The easiest way is using the git clone command:

git clone https://github.com/unlv-evol/PaReco.git

Dependencies

PaReco consist of two categories of depencies i.e. (i) OS specific dependencies and (ii) development dependencies. The OS specific dependency is libmagic. To install this dependency on Ubuntu/Debian or MacOS X, run the shell script in the bin directory.

cd bin/
chmod +x script.sh
./script.sh
The above code will automatically detect the OS (Linux or MacOS X) and install the libraries. Before installing development specific dependencies, let's set python virtual environment;

cd PaReco/

python3 -m venv venv
Activate the virtual environment

source venv/bin/activate

Now, let us install the dependencies

pip install -r requirements.txt
Note: PaReco has been tested on python >= 3.7

Testing PaReco

GitHub Tokens

To access private repositories, and to have a higher rate limit, GitHub tokens are needed.

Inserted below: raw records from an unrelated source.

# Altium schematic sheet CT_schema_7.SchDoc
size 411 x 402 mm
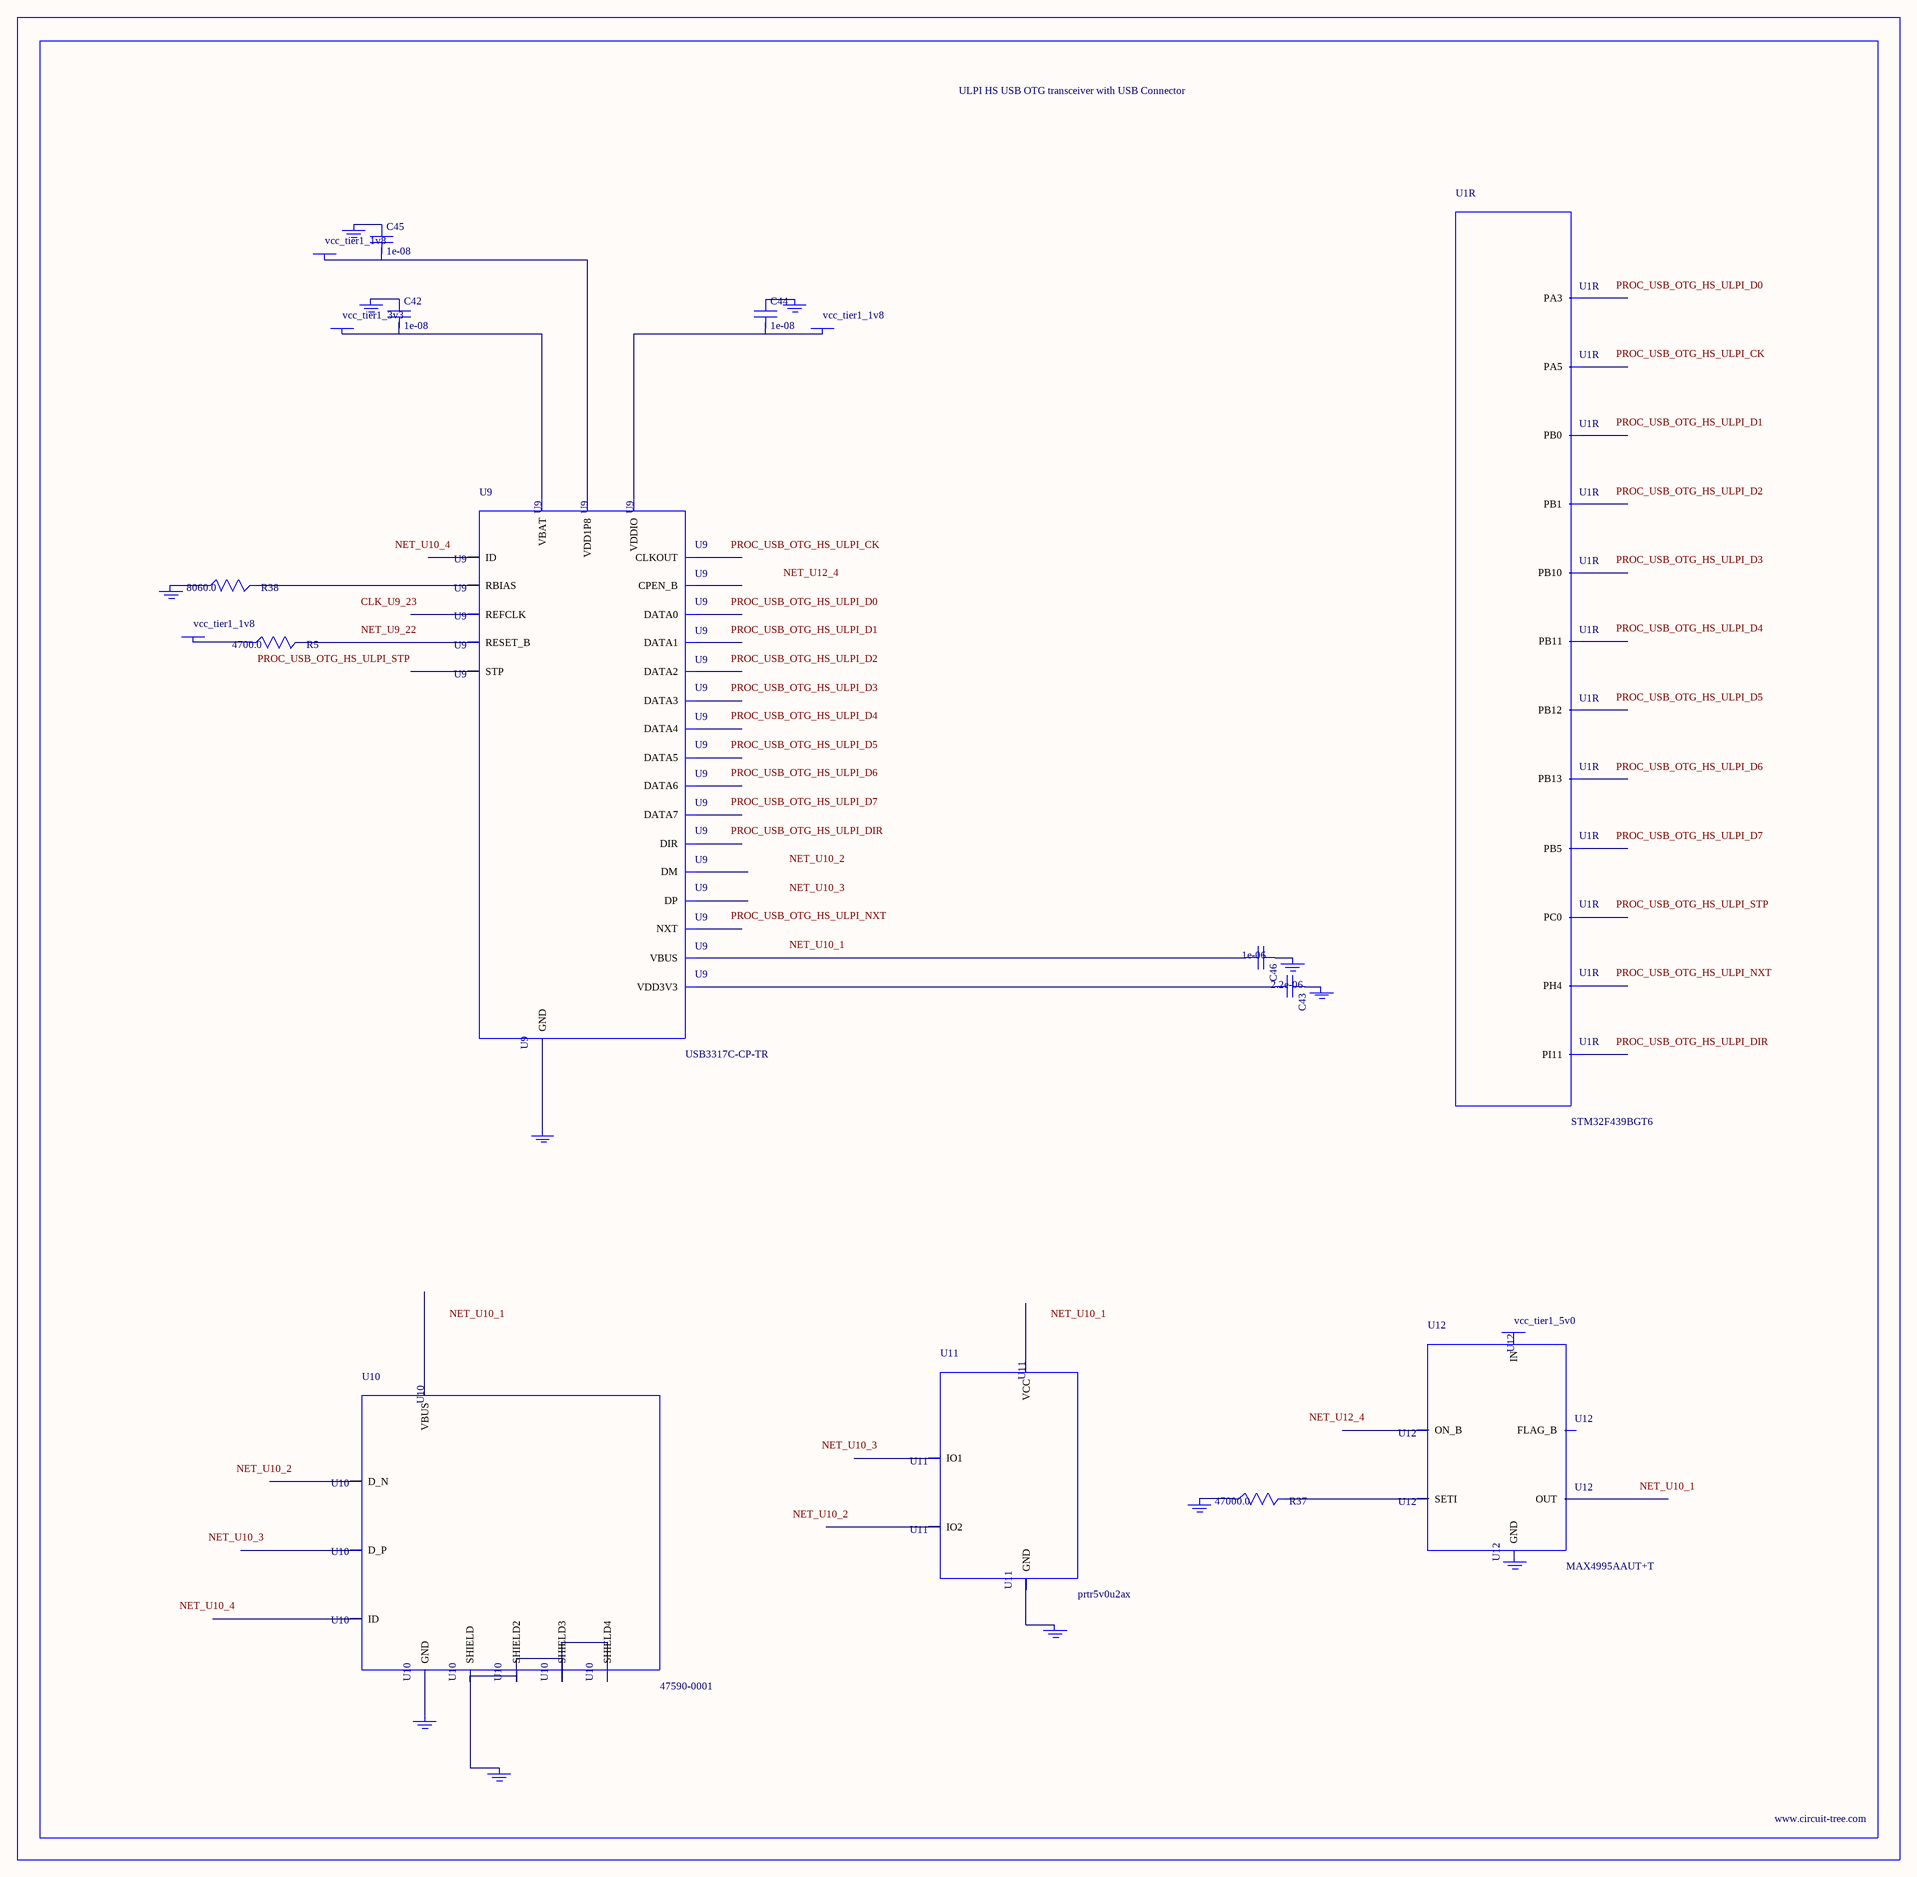
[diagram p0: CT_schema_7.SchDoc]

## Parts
BORDER6  (no value)
C42  1e-08  [C0402]
C43  2.2e-06  [C0603]
C44  1e-08  [C0402]
C45  1e-08  [C0402]
C46  1e-06  [C0603]
GND_INSTANCE_6_0  (no value)
GND_INSTANCE_6_1  (no value)
GND_INSTANCE_6_2  (no value)
GND_INSTANCE_6_3  (no value)
GND_INSTANCE_6_4  (no value)
GND_INSTANCE_6_5  (no value)
GND_INSTANCE_6_6  (no value)
GND_INSTANCE_6_7  (no value)
GND_INSTANCE_6_8  (no value)
GND_INSTANCE_6_9  (no value)
GND_INSTANCE_6_10  (no value)
GND_INSTANCE_6_11  (no value)
POWER_INSTANCE_6_0  vcc_tier1_3v3
POWER_INSTANCE_6_1  vcc_tier1_1v8
POWER_INSTANCE_6_2  vcc_tier1_1v8
POWER_INSTANCE_6_3  vcc_tier1_1v8
POWER_INSTANCE_6_4  vcc_tier1_5v0
R5  4700.0  [R0603]
R37  47000.0  [R0603]
R38  8060.0  [R0603]
U1  STM32F439BGT6  [LQFP208]  (part R of 18)
U9  USB3317C-CP-TR  [QFN-24]
U10  47590-0001  [MICRO_USB_AB]
U11  prtr5v0u2ax  [SOT143B]
U12  MAX4995AAUT+T  [SOT-23-6]

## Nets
NetC42_1: C42.1 GND_INSTANCE_6_1.0(GND)
NetC42_2: C42.2 POWER_INSTANCE_6_0.0(PWR) U9.3(VBAT)
NetC43_1: C43.1 GND_INSTANCE_6_2.0(GND)
NetC43_2: C43.2 U9.4(VDD3V3)
NetC44_1: C44.1 GND_INSTANCE_6_3.0(GND)
NetC44_2: C44.2 POWER_INSTANCE_6_1.0(PWR) U9.17(VDDIO)
NetC45_1: C45.1 GND_INSTANCE_6_4.0(GND)
NetC45_2: C45.2 POWER_INSTANCE_6_2.0(PWR) U9.21(VDD1P8)
NetC46_1: C46.1 GND_INSTANCE_6_0.0(GND)
NetC46_2: C46.2 U9.2(VBUS)
NetGND_INSTANCE_6_5_0: GND_INSTANCE_6_5.0(GND) R38.1
NetGND_INSTANCE_6_6_0: GND_INSTANCE_6_6.0(GND) U9.25(GND)
NetGND_INSTANCE_6_7_0: GND_INSTANCE_6_7.0(GND) U10.6(SHIELD) U10.7(SHIELD2) U10.8(SHIELD3) U10.9(SHIELD4)
NetGND_INSTANCE_6_8_0: GND_INSTANCE_6_8.0(GND) U10.5(GND)
NetGND_INSTANCE_6_9_0: GND_INSTANCE_6_9.0(GND) U11.1(GND)
NetGND_INSTANCE_6_10_0: GND_INSTANCE_6_10.0(GND) R37.1
NetPOWER_INSTANCE_6_3_0: POWER_INSTANCE_6_3.0(PWR) R5.1
NetR5_2: R5.2 U9.22(RESET_B)
NetR37_2: R37.2 U12.3(SETI)
NetR38_2: R38.2 U9.24(RBIAS)

Not connected (* = marked no-connect by the designer): GND_INSTANCE_6_11 0(GND); POWER_INSTANCE_6_4 0(PWR); U1 13(PI11) 35(PC0) 48(PH4) 50(PA3) 54(PA5) 61(PB0) 62(PB1) 90(PB10) 91(PB11) 104(PB12) 105(PB13) 194(PB5); U9 1(ID) 5(DM) 6(DP) 7(CPEN_B) 8(DATA7) 9(DATA6) 10(DATA5) 11(DATA4) 12(CLKOUT) 13(DATA3) 14(DATA2) 15(DATA1) 16(DATA0) 18(NXT) 19(DIR) 20(STP) 23(REFCLK); U10 1(VBUS) 2(D_N) 3(D_P) 4(ID); U11 2(IO1) 3(IO2) 4(VCC); U12 1(OUT) 2(GND) 4(ON_B) 5(IN) 6(FLAG_B)

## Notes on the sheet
- Labels drawn without touching a wire or pin: CLK_U9_23, NET_U9_22, NET_U10_1, NET_U10_2, NET_U10_3, NET_U10_4, NET_U12_4, PROC_USB_OTG_HS_ULPI_CK, PROC_USB_OTG_HS_ULPI_D0, PROC_USB_OTG_HS_ULPI_D1, PROC_USB_OTG_HS_ULPI_D2, PROC_USB_OTG_HS_ULPI_D3, PROC_USB_OTG_HS_ULPI_D4, PROC_USB_OTG_HS_ULPI_D5, PROC_USB_OTG_HS_ULPI_D6, PROC_USB_OTG_HS_ULPI_D7, PROC_USB_OTG_HS_ULPI_DIR, PROC_USB_OTG_HS_ULPI_NXT, PROC_USB_OTG_HS_ULPI_STP

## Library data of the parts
BORDER6 = BORDER_PAGE6
C42 C44 C45 = C0402C103K3RAC
C43 = C0603C225K8RACTU
C46 = C0603C105K3RACTU
GND_INSTANCE_6_0-GND_INSTANCE_6_11 = GND
POWER_INSTANCE_6_0-POWER_INSTANCE_6_4 = PWR
R5 = RC0603JR-074K7L
R37 = RC0603JR-0747KL
R38 = ERJ-3EKF8061V

They can be set in the tokens.txt file or by directly inserting it in the token_list in the notebooks. GitHub tokens are a MUST to run the code, because of the high number of requests done to the GitHub API. Every token in the tokens.txt file is seperated by only a comma. The user can add as many tokens as needed. A minimal of 5 tokens can be used to safely execute code and to make sure that the rate limit is not reached for a token.

Using Notebooks

There are 3 notebooks that are at the heart of this tool: /legacy/src/getData.ipynb, /legacy/src/classify.ipynb and /legac/src/analysis.ipynb: * getData.ipynb extracts the pull request data from the GitHub API and stores it in Repos_prs * After which classify.ipynb extracts the files from for each pull request, the diffs for each modified/added/removed file and classifies the hunk and files. * Then analysis.ipynb does the last classification for the patch and calcualtes the total classification per repository and plots the results * Finally, timeLag.ipynb calcualtes the techinical lag for each patch.

Examples

The folder /legacy/Examples contains a Jupyter notebook that can be used to quickly run the tool and classify one or more pull requests for two variant repositories. A simple class PaReco exists that does the classification. Running the notebook for source and target variant mrbrdo/rack-webconsole -> codegram/rack-webconsole and pull request 2 will give an output as:

mrbrdo/rack-webconsole -> codegram/rack-webconsole
Pull request nr ==> 2
File classifications ==>
     lib/rack/webconsole/assets.rb
         Operation - MODIFIED
         Class - ED
Patch classification ==> ED

Additionally, the classification distribution will also be plotted. To use this notebook for classification, you need to have: * The source and target repository names, * The list of pull requests * The cut off date.

NB: Create the Repos_files and Repos_results directories before running the examples.